Directions ::
In the records that follow, show each line where the word "Muntin" is present.

[Dataset items]
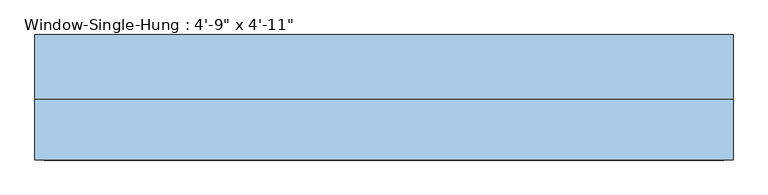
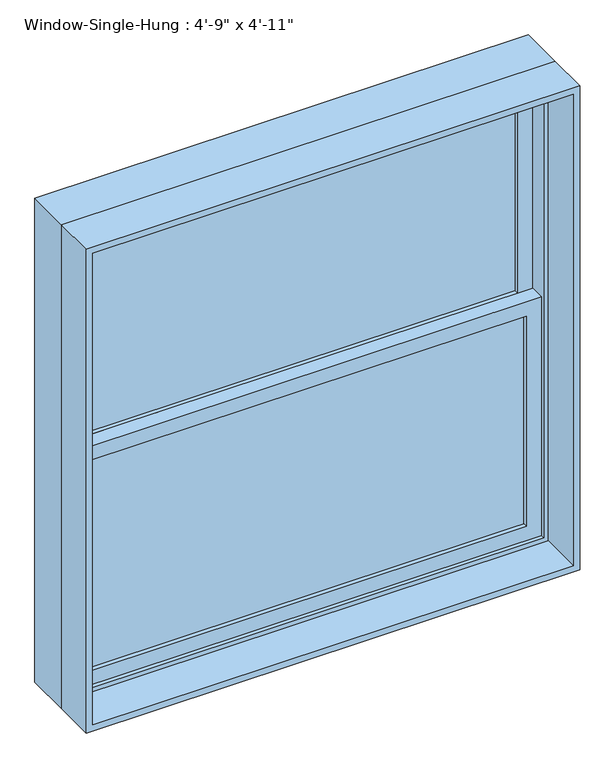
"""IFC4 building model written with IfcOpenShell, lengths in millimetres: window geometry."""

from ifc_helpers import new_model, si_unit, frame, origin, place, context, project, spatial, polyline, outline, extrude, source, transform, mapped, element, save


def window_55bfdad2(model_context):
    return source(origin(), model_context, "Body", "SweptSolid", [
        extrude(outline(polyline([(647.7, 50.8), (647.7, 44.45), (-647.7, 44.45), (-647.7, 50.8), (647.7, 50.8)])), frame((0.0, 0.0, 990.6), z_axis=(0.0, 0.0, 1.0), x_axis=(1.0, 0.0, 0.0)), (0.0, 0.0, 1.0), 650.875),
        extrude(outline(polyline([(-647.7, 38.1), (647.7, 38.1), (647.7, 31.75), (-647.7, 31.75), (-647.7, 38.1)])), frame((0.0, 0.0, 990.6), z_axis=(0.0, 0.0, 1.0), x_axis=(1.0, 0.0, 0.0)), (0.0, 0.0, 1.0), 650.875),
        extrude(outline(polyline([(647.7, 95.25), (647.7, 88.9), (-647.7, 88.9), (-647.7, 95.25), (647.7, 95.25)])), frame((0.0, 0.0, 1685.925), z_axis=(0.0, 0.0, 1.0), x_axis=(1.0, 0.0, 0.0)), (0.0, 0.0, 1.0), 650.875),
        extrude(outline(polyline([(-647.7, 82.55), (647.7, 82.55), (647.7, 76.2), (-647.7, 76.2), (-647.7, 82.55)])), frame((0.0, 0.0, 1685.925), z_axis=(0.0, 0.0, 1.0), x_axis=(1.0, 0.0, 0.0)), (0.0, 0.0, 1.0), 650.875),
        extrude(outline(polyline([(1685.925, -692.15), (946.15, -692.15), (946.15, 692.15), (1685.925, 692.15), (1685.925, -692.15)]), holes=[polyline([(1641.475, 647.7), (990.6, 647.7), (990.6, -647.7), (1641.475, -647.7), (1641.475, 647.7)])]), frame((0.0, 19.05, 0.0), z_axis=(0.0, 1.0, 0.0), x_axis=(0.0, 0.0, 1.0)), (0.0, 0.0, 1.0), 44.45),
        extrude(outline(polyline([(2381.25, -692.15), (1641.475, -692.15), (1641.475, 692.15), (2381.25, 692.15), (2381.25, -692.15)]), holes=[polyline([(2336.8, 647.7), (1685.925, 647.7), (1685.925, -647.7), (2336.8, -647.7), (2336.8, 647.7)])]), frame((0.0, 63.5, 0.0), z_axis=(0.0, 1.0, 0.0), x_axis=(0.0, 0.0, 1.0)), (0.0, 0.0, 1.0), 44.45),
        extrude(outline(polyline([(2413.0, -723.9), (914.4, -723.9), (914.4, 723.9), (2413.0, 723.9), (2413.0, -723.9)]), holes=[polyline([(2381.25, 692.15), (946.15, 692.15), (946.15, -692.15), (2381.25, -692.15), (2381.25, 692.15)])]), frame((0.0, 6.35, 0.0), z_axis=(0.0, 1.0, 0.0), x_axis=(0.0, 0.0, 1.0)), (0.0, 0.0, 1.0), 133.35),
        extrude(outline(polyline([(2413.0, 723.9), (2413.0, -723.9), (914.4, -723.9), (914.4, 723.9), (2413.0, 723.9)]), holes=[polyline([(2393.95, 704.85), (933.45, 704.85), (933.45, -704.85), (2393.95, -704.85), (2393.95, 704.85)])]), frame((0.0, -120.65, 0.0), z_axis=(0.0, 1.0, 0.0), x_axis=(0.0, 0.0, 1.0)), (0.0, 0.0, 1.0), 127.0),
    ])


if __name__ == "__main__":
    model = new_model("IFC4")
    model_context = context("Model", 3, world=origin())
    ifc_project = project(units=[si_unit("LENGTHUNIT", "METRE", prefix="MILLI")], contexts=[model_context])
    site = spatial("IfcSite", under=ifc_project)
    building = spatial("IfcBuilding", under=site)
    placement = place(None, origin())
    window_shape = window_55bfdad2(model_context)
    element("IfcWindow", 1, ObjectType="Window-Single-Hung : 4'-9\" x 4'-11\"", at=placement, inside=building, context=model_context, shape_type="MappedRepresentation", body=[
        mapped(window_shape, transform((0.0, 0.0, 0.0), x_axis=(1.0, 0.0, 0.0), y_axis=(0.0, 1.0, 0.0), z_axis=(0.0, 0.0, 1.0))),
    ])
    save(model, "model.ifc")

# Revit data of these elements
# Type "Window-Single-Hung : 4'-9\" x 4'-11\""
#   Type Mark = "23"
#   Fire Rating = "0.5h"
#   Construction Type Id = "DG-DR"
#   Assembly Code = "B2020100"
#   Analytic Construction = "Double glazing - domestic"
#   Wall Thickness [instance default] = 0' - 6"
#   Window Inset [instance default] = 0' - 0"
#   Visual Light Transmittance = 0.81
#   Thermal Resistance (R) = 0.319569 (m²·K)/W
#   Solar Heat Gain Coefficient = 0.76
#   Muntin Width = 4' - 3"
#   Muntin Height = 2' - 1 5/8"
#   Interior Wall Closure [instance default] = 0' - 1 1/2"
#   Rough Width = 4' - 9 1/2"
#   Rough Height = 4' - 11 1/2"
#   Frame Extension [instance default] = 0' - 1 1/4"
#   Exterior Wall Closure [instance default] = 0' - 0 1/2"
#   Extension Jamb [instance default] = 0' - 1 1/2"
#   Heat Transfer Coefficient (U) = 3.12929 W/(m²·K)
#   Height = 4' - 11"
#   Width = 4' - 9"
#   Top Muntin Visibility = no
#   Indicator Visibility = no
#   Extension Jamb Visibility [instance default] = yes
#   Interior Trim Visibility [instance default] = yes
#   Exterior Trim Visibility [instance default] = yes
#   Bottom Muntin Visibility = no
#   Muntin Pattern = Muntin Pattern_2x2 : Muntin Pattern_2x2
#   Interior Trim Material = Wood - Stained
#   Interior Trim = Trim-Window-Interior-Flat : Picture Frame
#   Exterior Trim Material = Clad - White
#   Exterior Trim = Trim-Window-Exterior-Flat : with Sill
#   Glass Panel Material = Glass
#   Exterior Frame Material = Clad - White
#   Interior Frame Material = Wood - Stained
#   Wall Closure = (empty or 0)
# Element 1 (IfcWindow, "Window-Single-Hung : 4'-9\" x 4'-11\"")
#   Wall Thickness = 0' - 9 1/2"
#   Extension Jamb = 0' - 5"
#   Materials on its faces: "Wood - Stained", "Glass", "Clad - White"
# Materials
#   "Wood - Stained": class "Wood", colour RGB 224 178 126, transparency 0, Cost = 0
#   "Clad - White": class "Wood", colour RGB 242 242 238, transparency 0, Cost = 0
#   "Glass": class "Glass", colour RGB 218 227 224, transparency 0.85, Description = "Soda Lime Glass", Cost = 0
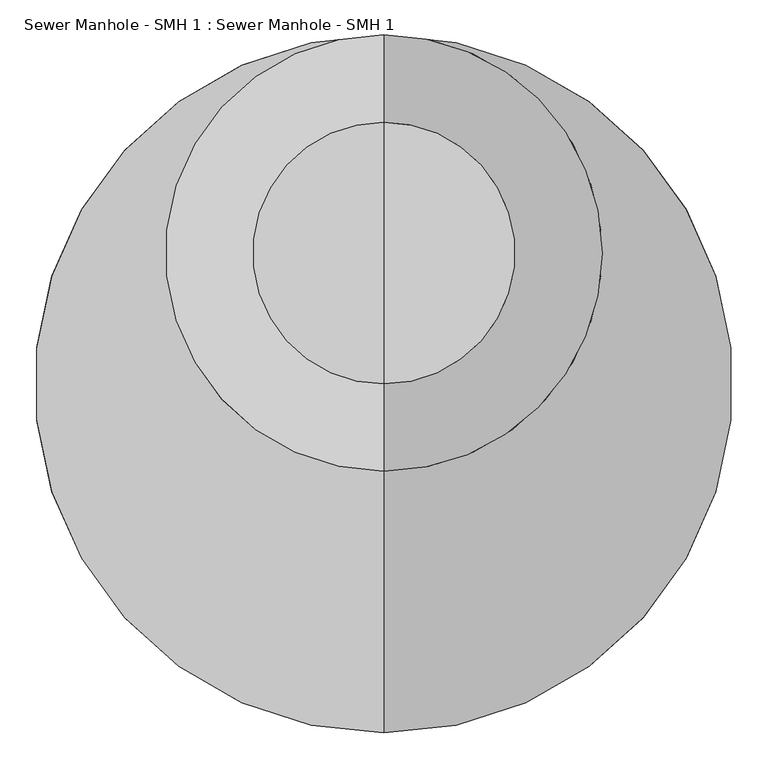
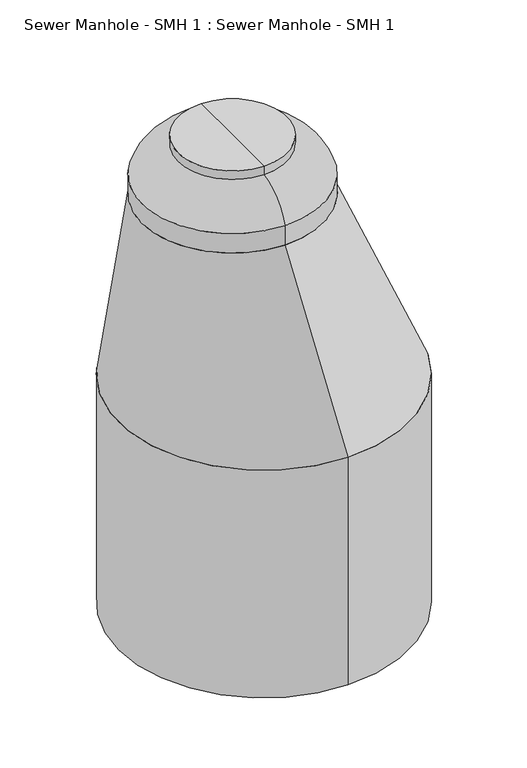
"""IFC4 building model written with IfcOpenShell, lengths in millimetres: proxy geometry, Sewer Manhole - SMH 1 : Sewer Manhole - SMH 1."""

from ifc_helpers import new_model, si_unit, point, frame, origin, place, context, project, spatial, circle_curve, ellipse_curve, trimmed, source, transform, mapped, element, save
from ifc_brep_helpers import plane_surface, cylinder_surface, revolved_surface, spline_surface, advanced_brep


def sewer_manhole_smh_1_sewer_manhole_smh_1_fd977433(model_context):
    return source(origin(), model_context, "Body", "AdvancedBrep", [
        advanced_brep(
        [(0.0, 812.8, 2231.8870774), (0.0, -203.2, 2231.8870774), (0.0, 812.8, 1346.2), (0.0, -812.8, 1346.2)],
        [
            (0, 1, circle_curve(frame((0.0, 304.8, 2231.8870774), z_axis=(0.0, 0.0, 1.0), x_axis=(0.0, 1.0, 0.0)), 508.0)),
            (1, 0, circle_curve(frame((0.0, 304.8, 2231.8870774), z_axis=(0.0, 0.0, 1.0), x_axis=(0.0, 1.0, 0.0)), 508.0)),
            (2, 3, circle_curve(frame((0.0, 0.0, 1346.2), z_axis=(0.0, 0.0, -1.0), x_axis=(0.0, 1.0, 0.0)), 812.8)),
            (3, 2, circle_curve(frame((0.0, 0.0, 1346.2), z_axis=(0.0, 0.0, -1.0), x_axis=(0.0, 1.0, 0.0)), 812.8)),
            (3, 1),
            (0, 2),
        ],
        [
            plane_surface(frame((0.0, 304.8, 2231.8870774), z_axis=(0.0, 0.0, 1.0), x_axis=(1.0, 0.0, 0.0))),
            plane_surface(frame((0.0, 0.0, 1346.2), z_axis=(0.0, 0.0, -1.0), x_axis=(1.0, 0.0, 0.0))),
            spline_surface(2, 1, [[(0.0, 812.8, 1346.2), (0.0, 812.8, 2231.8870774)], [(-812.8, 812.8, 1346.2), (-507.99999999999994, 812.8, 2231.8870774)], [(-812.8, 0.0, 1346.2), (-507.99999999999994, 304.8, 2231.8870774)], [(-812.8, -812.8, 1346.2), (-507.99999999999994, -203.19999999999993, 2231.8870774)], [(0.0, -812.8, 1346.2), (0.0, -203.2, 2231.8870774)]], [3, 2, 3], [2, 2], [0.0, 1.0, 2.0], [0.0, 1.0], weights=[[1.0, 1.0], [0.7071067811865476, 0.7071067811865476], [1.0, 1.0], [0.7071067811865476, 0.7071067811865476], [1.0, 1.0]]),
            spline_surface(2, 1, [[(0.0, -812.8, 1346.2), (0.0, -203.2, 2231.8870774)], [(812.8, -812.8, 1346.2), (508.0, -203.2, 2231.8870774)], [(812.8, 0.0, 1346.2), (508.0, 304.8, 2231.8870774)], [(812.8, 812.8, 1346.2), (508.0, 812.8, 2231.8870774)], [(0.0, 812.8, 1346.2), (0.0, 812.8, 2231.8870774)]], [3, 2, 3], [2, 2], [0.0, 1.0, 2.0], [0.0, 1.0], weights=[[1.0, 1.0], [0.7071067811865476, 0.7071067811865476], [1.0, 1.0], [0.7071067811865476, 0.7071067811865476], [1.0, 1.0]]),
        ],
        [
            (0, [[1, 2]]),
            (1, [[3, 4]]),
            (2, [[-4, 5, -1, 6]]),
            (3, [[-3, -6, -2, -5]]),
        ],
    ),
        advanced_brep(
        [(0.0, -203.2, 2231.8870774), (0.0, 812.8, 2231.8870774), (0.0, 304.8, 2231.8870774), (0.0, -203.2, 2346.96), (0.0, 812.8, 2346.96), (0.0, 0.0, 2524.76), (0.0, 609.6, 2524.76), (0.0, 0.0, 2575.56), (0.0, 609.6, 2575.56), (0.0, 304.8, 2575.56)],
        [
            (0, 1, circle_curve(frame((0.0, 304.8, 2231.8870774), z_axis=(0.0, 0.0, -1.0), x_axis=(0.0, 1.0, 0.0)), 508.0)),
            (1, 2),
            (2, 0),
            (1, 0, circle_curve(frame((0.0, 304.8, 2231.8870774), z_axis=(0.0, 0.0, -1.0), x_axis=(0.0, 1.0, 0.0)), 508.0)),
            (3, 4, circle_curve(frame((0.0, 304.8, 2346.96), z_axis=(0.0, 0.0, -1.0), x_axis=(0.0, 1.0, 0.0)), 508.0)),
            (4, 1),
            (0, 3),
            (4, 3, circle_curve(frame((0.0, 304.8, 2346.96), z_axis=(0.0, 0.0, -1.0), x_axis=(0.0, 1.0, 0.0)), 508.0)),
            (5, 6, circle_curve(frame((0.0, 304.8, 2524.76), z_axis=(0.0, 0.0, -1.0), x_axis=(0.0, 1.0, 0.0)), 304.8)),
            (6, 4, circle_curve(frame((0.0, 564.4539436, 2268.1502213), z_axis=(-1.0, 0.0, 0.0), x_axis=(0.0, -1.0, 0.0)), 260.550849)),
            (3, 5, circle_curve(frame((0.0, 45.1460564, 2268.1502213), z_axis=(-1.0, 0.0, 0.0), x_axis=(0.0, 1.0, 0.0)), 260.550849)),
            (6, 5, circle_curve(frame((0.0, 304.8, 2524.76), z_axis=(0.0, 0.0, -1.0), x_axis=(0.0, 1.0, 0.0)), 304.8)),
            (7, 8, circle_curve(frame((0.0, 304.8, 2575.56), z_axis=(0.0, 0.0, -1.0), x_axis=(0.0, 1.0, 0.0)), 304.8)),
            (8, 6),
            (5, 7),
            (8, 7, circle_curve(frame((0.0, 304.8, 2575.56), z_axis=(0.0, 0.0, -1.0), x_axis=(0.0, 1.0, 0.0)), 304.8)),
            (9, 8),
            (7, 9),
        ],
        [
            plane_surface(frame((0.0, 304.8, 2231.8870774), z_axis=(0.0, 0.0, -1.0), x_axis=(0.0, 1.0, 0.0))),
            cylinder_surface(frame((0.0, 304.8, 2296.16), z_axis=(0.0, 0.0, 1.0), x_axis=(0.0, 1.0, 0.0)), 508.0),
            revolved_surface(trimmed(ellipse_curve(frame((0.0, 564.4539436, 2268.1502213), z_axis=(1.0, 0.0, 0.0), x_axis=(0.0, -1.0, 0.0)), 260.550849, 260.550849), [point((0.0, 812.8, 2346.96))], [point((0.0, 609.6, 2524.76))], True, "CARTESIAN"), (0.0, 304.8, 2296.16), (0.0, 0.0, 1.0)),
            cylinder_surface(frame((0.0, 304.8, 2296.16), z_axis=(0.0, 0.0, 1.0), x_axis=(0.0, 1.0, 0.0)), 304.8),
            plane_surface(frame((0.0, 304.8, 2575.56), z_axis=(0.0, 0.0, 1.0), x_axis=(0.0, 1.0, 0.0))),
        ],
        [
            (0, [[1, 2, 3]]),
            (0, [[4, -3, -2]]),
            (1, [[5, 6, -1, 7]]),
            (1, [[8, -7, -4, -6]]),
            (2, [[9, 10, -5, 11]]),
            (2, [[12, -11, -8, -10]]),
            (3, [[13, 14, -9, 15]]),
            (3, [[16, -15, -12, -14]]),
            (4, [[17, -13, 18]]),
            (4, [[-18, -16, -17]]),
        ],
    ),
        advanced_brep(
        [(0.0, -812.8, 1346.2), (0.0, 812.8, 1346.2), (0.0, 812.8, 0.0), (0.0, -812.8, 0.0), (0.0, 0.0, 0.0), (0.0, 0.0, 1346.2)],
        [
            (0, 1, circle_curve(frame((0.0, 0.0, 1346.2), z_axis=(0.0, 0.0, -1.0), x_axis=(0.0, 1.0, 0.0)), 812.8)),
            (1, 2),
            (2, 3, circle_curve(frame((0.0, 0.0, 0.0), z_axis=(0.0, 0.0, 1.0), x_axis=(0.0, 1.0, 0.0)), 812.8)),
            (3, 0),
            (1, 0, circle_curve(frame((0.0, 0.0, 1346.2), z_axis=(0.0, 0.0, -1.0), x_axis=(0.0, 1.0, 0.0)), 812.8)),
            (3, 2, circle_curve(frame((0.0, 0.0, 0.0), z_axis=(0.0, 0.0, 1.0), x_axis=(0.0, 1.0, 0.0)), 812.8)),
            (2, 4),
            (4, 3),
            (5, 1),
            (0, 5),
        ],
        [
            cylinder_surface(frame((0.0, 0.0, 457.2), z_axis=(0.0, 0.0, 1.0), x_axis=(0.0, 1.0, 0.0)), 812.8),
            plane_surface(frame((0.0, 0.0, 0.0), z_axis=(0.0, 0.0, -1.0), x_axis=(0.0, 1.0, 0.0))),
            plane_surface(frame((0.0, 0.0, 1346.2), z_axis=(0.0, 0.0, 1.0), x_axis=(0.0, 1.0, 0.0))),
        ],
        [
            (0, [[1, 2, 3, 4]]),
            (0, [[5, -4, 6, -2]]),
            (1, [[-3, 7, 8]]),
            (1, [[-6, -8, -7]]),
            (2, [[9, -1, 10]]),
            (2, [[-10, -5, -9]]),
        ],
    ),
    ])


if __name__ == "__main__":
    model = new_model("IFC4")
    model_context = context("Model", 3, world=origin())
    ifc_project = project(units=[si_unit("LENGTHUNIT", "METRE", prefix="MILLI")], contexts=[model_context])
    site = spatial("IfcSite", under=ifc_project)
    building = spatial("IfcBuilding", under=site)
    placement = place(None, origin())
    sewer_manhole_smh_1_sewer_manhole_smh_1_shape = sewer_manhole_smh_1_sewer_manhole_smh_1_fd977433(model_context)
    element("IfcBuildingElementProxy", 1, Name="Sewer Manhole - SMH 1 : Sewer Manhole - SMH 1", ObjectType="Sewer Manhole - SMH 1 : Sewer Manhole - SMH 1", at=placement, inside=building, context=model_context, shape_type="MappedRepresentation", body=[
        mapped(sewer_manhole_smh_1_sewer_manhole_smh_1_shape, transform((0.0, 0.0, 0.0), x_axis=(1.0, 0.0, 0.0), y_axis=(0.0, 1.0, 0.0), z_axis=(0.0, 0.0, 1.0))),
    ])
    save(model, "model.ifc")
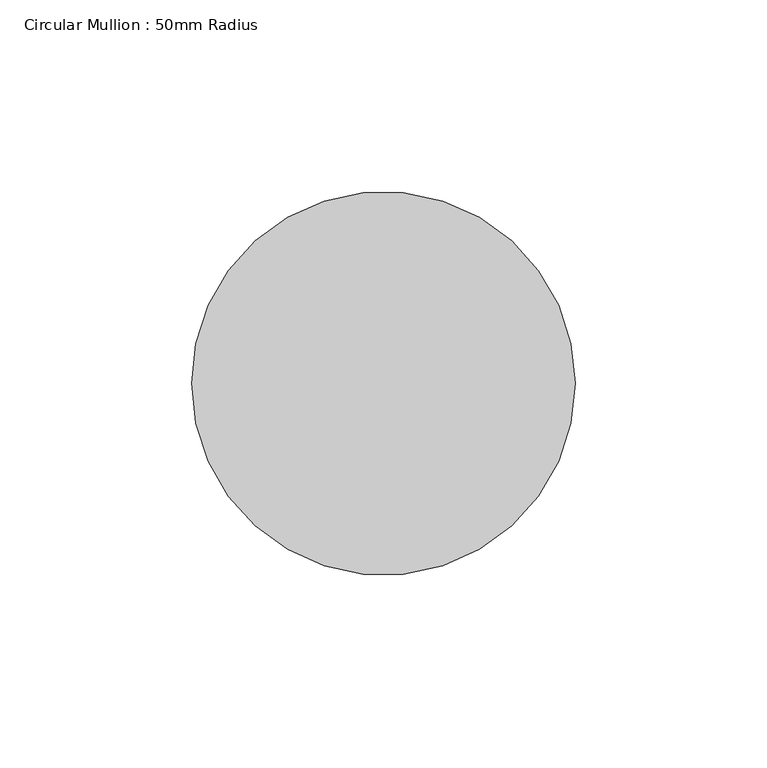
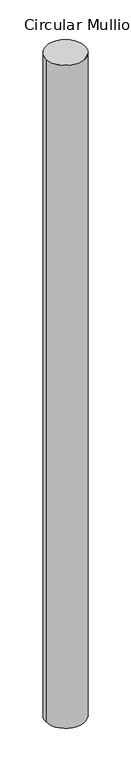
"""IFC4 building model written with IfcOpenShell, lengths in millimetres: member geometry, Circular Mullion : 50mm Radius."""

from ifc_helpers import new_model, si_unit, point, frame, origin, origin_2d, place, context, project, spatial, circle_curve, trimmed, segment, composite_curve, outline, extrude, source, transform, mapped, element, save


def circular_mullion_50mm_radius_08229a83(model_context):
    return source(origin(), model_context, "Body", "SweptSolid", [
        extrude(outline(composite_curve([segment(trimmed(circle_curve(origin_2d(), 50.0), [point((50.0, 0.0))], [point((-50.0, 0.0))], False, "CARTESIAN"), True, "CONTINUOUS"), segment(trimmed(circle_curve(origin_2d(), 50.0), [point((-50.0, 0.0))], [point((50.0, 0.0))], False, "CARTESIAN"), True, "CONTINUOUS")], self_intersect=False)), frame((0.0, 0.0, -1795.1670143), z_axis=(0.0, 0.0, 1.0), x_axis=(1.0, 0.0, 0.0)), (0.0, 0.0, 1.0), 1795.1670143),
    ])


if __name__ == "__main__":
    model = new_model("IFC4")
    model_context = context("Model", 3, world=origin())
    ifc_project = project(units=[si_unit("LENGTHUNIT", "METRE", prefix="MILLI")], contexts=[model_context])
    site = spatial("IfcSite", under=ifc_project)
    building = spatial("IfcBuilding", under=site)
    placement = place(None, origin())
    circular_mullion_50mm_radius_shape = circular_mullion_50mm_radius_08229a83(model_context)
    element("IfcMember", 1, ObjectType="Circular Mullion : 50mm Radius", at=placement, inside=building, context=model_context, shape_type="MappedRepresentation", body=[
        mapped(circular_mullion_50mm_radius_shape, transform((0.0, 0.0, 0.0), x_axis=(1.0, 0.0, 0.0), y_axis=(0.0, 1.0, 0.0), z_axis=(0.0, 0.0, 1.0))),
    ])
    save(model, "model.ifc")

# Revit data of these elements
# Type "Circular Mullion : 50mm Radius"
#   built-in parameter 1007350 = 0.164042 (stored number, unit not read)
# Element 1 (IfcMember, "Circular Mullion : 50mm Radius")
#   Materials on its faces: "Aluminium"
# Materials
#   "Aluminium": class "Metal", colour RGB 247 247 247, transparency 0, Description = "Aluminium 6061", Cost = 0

Exercise result ::
#   Muntin Width = 4' - 3"
#   Muntin Height = 2' - 1 5/8"
#   Top Muntin Visibility = no
#   Bottom Muntin Visibility = no
#   Muntin Pattern = Muntin Pattern_2x2 : Muntin Pattern_2x2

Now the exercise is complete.